Consider the interference vector ${\mathit{z}}^{\left(r\right)}$ in (2). Let its ith element $z_i^{\left(r\right)}$ be non-zero, i.e., the ith packet symbol is subject to interference. Then, $z_i^{\left(r\right)}$ is a sample of a complex Gaussian distribution $\mathcal{CN}(0,2{\sigma }_{\iota }^2)$, where $2{\sigma }_{\iota }^2$ is the interference power. This assumption is accurate already in the case of a few interferers having different phase, frequency and time offset. When only one interferer affects a packet, the assumption becomes inaccurate. Nevertheless, we will illustrate that it is a reasonable model for the LDPC code design.

Under the assumption of Gaussian interference, the interference plus noise also follows a complex Gaussian distribution $\mathcal{CN}(0,2{\sigma }^2)$, with:

$${\sigma }^2={\sigma }_n^2+{\sigma }_{\iota }^2.$$

Let us define $\mathsf{C}\left({\sigma }^2\right)$ as the QPSK constraint AWGN channel capacity for a given ${\sigma }^2$. The corresponding outage capacity ${\mathsf{C}}_{\mathsf{o}}$ for our surrogate channel model in Section 3.3 under the Gaussian interference assumption becomes:

$${\mathsf{C}}_{\mathsf{o}}(\alpha ,{\sigma }_n^2,{\sigma }^2)=(1-\alpha )\mathsf{C}\left(\frac{1}{2{\sigma }_n^2}\right)+\alpha \mathsf{C}\left(\frac{1}{2{\sigma }^2}\right),$$

(3)

for a fixed $\alpha$ and ${\sigma }_n^2$, we can invert (3) and write ${\sigma }^2$ (or likewise ${\sigma }_{\iota }^2$) as a function of ${\mathsf{C}}_{\mathsf{o}}$. Then, for a fixed rate, error-free transmission is possible if the interference power ${\sigma }_{\iota }^2<{\sigma }_{\iota ,\mathsf{o}}^2$ where ${\sigma }_{\iota ,\mathsf{o}}^2$ is referred to as the Shannon limit.

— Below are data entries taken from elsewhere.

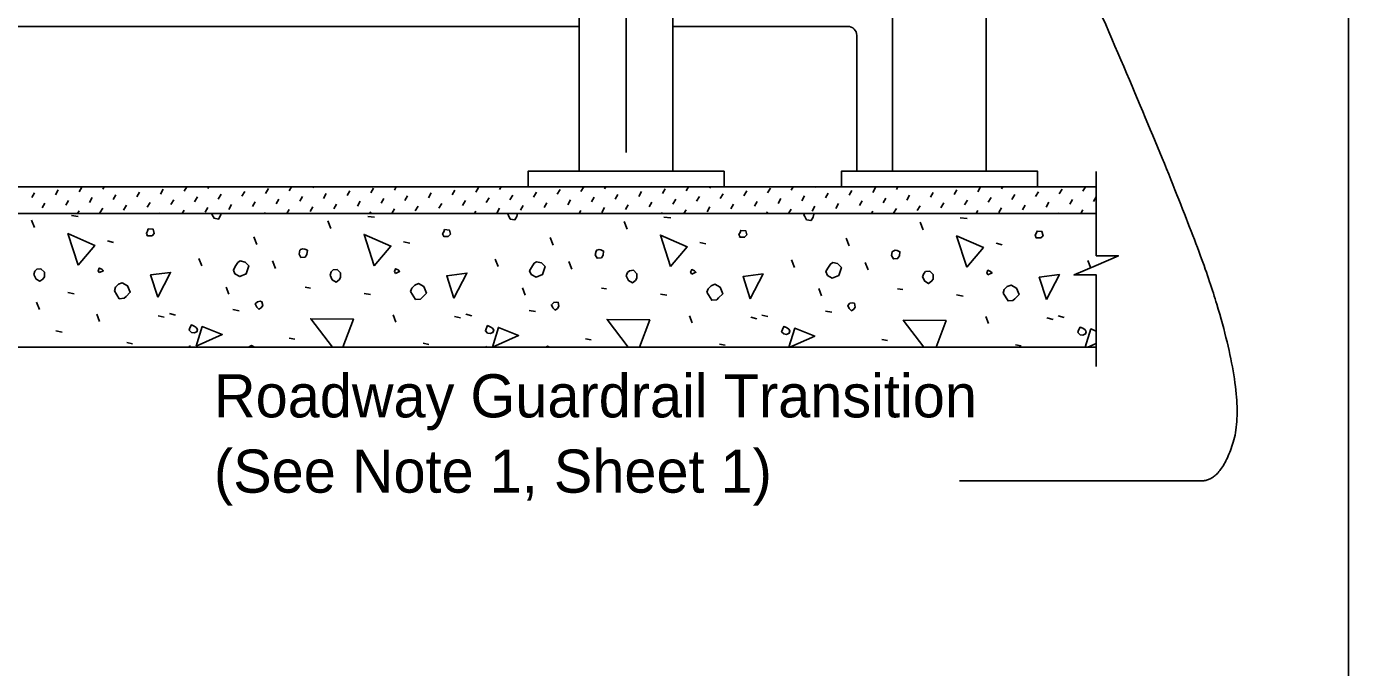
# Model space of a CAD drawing. Extents: x 21587 to 21659.1, y 56113.9 to 56155.9.
# Drawn here: x 21599.32 to 21605.5, y 56131.8 to 56134.8 of the extents above; entities that cross this region are included whole.
import ezdxf

# ---------------------------------------------------------------- set-up
doc = ezdxf.new("R2010")
doc.units = 0
for name, color, linetype in [('AdhocPoint_dp', 7, 'Continuous'), ('Patterning', 7, 'Continuous'), ('PlotBorder_dp', 7, 'Continuous'), ('TextMisc', 7, 'Continuous')]:
    doc.layers.add(name, color=color, linetype=linetype)

msp = doc.modelspace()

# ---------------------------------------------------------------- linework, layer by layer
at = {"layer": 'AdhocPoint_dp'}
for p, q in [((21593.9596, 56134.8009), (21601.9067, 56134.8009)), ((21602.3442, 56134.8009), (21603.1616, 56134.8009)), ((21603.2033, 56134.7592), (21603.2033, 56134.124)), ((21604.323, 56134.0511), (21593.9596, 56134.0511)), ((21593.9596, 56133.926), (21604.323, 56133.926)), ((21604.323, 56133.301), (21599.1795, 56133.301))]:
    msp.add_line(p, q, dxfattribs=at)
msp.add_arc((21603.1616, 56134.7592), 0.0417, 0, 90, dxfattribs=at)
at = {"layer": 'Patterning'}
for p, q in [((21602.3442, 56136.8633), (21602.3442, 56134.124)), ((21603.8089, 56136.8633), (21603.8089, 56134.124)), ((21601.9067, 56135.0302), (21601.9067, 56134.124)), ((21603.3714, 56135.0302), (21603.3714, 56134.124))]:
    msp.add_line(p, q, dxfattribs=at)
for points in [[(21602.5838, 56134.0511), (21602.5838, 56134.124), (21601.6671, 56134.124), (21601.6671, 56134.0511)], [(21604.0485, 56134.0511), (21604.0485, 56134.124), (21603.1318, 56134.124), (21603.1318, 56134.0511)]]:
    msp.add_lwpolyline(points, close=True, dxfattribs=at)
at = {"layer": 'PlotBorder_dp'}
msp.add_line((21605.5022, 56153.2872), (21605.5022, 56127.3172), dxfattribs=at)
msp.add_lwpolyline([(21604.323, 56133.2118), (21604.323, 56133.6391), (21604.2196, 56133.6391), (21604.323, 56133.6841), (21604.4263, 56133.7291), (21604.323, 56133.7291), (21604.323, 56134.1231)], dxfattribs=at)
msp.add_open_spline([(21603.6831, 56132.6764), (21604.7157, 56132.6764), (21604.9111, 56132.6764), (21605.0214, 56133.0621), (21604.7358, 56133.994), (21603.9968, 56135.6523)], degree=2, dxfattribs=at)
at = {"layer": 'TextMisc'}
for p, q in [((21602.1255, 56134.2122), (21602.1255, 56137.1851)), ((21599.4578, 56134.0141), (21599.4708, 56134.0365)), ((21599.5684, 56134.0271), (21599.5814, 56134.0495)), ((21599.6791, 56134.04), (21599.6855, 56134.0511)), ((21599.9492, 56134.0171), (21599.9621, 56134.0395)), ((21600.0598, 56134.0301), (21600.072, 56134.0511)), ((21600.1704, 56134.0431), (21600.1751, 56134.0511)), ((21600.4405, 56134.0202), (21600.4535, 56134.0426)), ((21600.5512, 56134.0331), (21600.5616, 56134.0511)), ((21600.6618, 56134.0461), (21600.6647, 56134.0511)), ((21600.9319, 56134.0232), (21600.9449, 56134.0456)), ((21601.0425, 56134.0361), (21601.0512, 56134.0511)), ((21601.1532, 56134.0491), (21601.1543, 56134.0511)), ((21601.3126, 56134.0132), (21601.3256, 56134.0356)), ((21601.4233, 56134.0262), (21601.4362, 56134.0486)), ((21601.5339, 56134.0392), (21601.5408, 56134.0511)), ((21601.804, 56134.0163), (21601.817, 56134.0386)), ((21601.9146, 56134.0292), (21601.9273, 56134.0511)), ((21602.0253, 56134.0422), (21602.0304, 56134.0511)), ((21602.2954, 56134.0193), (21602.3083, 56134.0417)), ((21602.406, 56134.0322), (21602.4169, 56134.0511)), ((21602.5166, 56134.0452), (21602.52, 56134.0511)), ((21602.7867, 56134.0223), (21602.7997, 56134.0447)), ((21602.8974, 56134.0353), (21602.9065, 56134.0511)), ((21603.008, 56134.0482), (21603.0097, 56134.0511)), ((21603.2781, 56134.0253), (21603.2911, 56134.0477)), ((21603.3887, 56134.0383), (21603.3961, 56134.0511)), ((21603.6588, 56134.0154), (21603.6718, 56134.0378)), ((21603.7695, 56134.0283), (21603.7824, 56134.0507)), ((21603.8801, 56134.0413), (21603.8858, 56134.0511)), ((21604.1502, 56134.0184), (21604.1632, 56134.0408)), ((21604.2608, 56134.0314), (21604.2723, 56134.0511)), ((21599.3472, 56134.0012), (21599.3601, 56134.0235)), ((21599.396, 56133.9523), (21599.409, 56133.9747)), ((21599.5066, 56133.9653), (21599.5196, 56133.9877)), ((21599.6173, 56133.9782), (21599.6302, 56134.0006)), ((21599.7279, 56133.9912), (21599.7409, 56134.0136)), ((21599.8385, 56134.0042), (21599.8515, 56134.0266)), ((21599.8874, 56133.9553), (21599.9003, 56133.9777)), ((21599.998, 56133.9683), (21600.011, 56133.9907)), ((21600.1086, 56133.9813), (21600.1216, 56134.0037)), ((21600.2193, 56133.9942), (21600.2322, 56134.0166)), ((21600.3299, 56134.0072), (21600.3429, 56134.0296)), ((21600.3787, 56133.9584), (21600.3917, 56133.9808)), ((21600.4894, 56133.9713), (21600.5023, 56133.9937)), ((21600.6, 56133.9843), (21600.613, 56134.0067)), ((21600.7106, 56133.9973), (21600.7236, 56134.0196)), ((21600.8213, 56134.0102), (21600.8342, 56134.0326)), ((21600.8701, 56133.9614), (21600.8831, 56133.9838)), ((21600.9807, 56133.9743), (21600.9937, 56133.9967)), ((21601.0914, 56133.9873), (21601.1043, 56134.0097)), ((21601.202, 56134.0003), (21601.215, 56134.0227)), ((21601.2508, 56133.9514), (21601.2638, 56133.9738)), ((21601.3615, 56133.9644), (21601.3744, 56133.9868)), ((21601.4721, 56133.9774), (21601.4851, 56133.9998)), ((21601.5827, 56133.9903), (21601.5957, 56134.0127)), ((21601.6934, 56134.0033), (21601.7063, 56134.0257)), ((21601.7422, 56133.9545), (21601.7552, 56133.9768)), ((21601.8528, 56133.9674), (21601.8658, 56133.9898)), ((21601.9635, 56133.9804), (21601.9764, 56134.0028)), ((21602.0741, 56133.9933), (21602.0871, 56134.0157)), ((21602.1847, 56134.0063), (21602.1977, 56134.0287)), ((21602.2336, 56133.9575), (21602.2465, 56133.9799)), ((21602.3442, 56133.9704), (21602.3572, 56133.9928)), ((21602.4548, 56133.9834), (21602.4678, 56134.0058)), ((21602.5655, 56133.9964), (21602.5784, 56134.0188)), ((21602.6761, 56134.0093), (21602.6891, 56134.0317)), ((21602.7249, 56133.9605), (21602.7379, 56133.9829)), ((21602.8356, 56133.9735), (21602.8485, 56133.9959)), ((21602.9462, 56133.9864), (21602.9592, 56134.0088)), ((21603.0568, 56133.9994), (21603.0698, 56134.0218)), ((21603.1675, 56134.0124), (21603.1804, 56134.0347)), ((21603.2163, 56133.9635), (21603.2293, 56133.9859)), ((21603.3269, 56133.9765), (21603.3399, 56133.9989)), ((21603.4376, 56133.9894), (21603.4505, 56134.0118)), ((21603.5482, 56134.0024), (21603.5612, 56134.0248)), ((21603.597, 56133.9536), (21603.61, 56133.976)), ((21603.7077, 56133.9665), (21603.7206, 56133.9889)), ((21603.8183, 56133.9795), (21603.8313, 56134.0019)), ((21603.9289, 56133.9925), (21603.9419, 56134.0149)), ((21604.0396, 56134.0054), (21604.0525, 56134.0278)), ((21604.0884, 56133.9566), (21604.1014, 56133.979)), ((21604.199, 56133.9696), (21604.212, 56133.9919)), ((21604.3097, 56133.9825), (21604.3226, 56134.0049)), ((21599.5332, 56133.9165), (21599.565, 56133.913)), ((21599.561, 56133.926), (21599.5684, 56133.9388)), ((21599.6661, 56133.9294), (21599.6791, 56133.9518)), ((21599.7767, 56133.9424), (21599.7897, 56133.9648)), ((21599.9475, 56133.926), (21599.9492, 56133.9289)), ((21600.0506, 56133.926), (21600.0598, 56133.9419)), ((21600.1575, 56133.9324), (21600.1704, 56133.9548)), ((21600.2681, 56133.9454), (21600.2811, 56133.9678)), ((21600.4371, 56133.926), (21600.4405, 56133.9319)), ((21600.5403, 56133.926), (21600.5512, 56133.9449)), ((21600.6488, 56133.9355), (21600.6618, 56133.9578)), ((21600.7595, 56133.9484), (21600.7724, 56133.9708)), ((21600.9179, 56133.913), (21600.9497, 56133.9094)), ((21600.9267, 56133.926), (21600.9319, 56133.9349)), ((21601.0299, 56133.926), (21601.0425, 56133.9479)), ((21601.1402, 56133.9385), (21601.1532, 56133.9609)), ((21601.4164, 56133.926), (21601.4233, 56133.938)), ((21601.5209, 56133.9285), (21601.5339, 56133.9509)), ((21601.6316, 56133.9415), (21601.6445, 56133.9639)), ((21601.8028, 56133.926), (21601.804, 56133.928)), ((21601.906, 56133.926), (21601.9146, 56133.941)), ((21602.0123, 56133.9315), (21602.0253, 56133.9539)), ((21602.1229, 56133.9445), (21602.1359, 56133.9669)), ((21602.2925, 56133.926), (21602.2954, 56133.931)), ((21602.3956, 56133.926), (21602.406, 56133.944)), ((21602.5037, 56133.9346), (21602.5166, 56133.957)), ((21602.6143, 56133.9475), (21602.6273, 56133.9699)), ((21602.7821, 56133.926), (21602.7867, 56133.9341)), ((21602.8852, 56133.926), (21602.8974, 56133.947)), ((21602.995, 56133.9376), (21603.008, 56133.96)), ((21603.1057, 56133.9506), (21603.1186, 56133.9729)), ((21603.2717, 56133.926), (21603.2781, 56133.9371)), ((21603.3758, 56133.9276), (21603.3887, 56133.95)), ((21603.4864, 56133.9406), (21603.4994, 56133.963)), ((21603.6582, 56133.926), (21603.6588, 56133.9271)), ((21603.7613, 56133.926), (21603.7695, 56133.9401)), ((21603.8671, 56133.9307), (21603.8801, 56133.9531)), ((21603.9778, 56133.9436), (21603.9907, 56133.966)), ((21604.1478, 56133.926), (21604.1502, 56133.9302)), ((21604.2509, 56133.926), (21604.2608, 56133.9431)), ((21599.3606, 56133.8606), (21599.3465, 56133.8959)), ((21600.7453, 56133.857), (21600.7311, 56133.8924)), ((21602.13, 56133.8535), (21602.1158, 56133.8889)), ((21602.3026, 56133.9094), (21602.3344, 56133.9059)), ((21603.5146, 56133.85), (21603.5005, 56133.8853)), ((21603.6873, 56133.9059), (21603.7191, 56133.9024)), ((21599.7012, 56133.7981), (21599.7294, 56133.791)), ((21600.3994, 56133.7822), (21600.3853, 56133.8175)), ((21601.0858, 56133.7945), (21601.1141, 56133.7875)), ((21601.7841, 56133.7786), (21601.77, 56133.814)), ((21602.4705, 56133.791), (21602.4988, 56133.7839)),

Code design for the case of the Gaussian interference model becomes equivalent to code design for an AWGN channel where codeword bits are subjected to one of two possible noise levels. The design of LDPC photograph codes for this channel is well studied, and given that the interference is modelled as Gaussian noise, various approximations to density evolution, such as EXIT charts, are well verified in this scenario.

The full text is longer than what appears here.